Dataset entries »
[Start of Attachment]
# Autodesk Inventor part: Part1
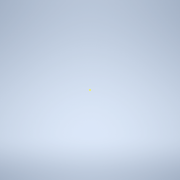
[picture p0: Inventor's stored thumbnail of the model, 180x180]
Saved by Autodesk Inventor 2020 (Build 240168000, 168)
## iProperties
Created: 2019-09
Part Number: Part1
Material: Generic
Document SubType Name: Modeling
Designer: Synergysoft
Density: 1 g/cm^3
Appearance: Default
Author: Synergysoft
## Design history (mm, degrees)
sketch "Sketch1"
  geometry: 1 further point
  constraints: 1 other
[End of Attachment]
Using the records above, count every line that includes the word "Autodesk", and state the number only.

Answer to the exercise » 2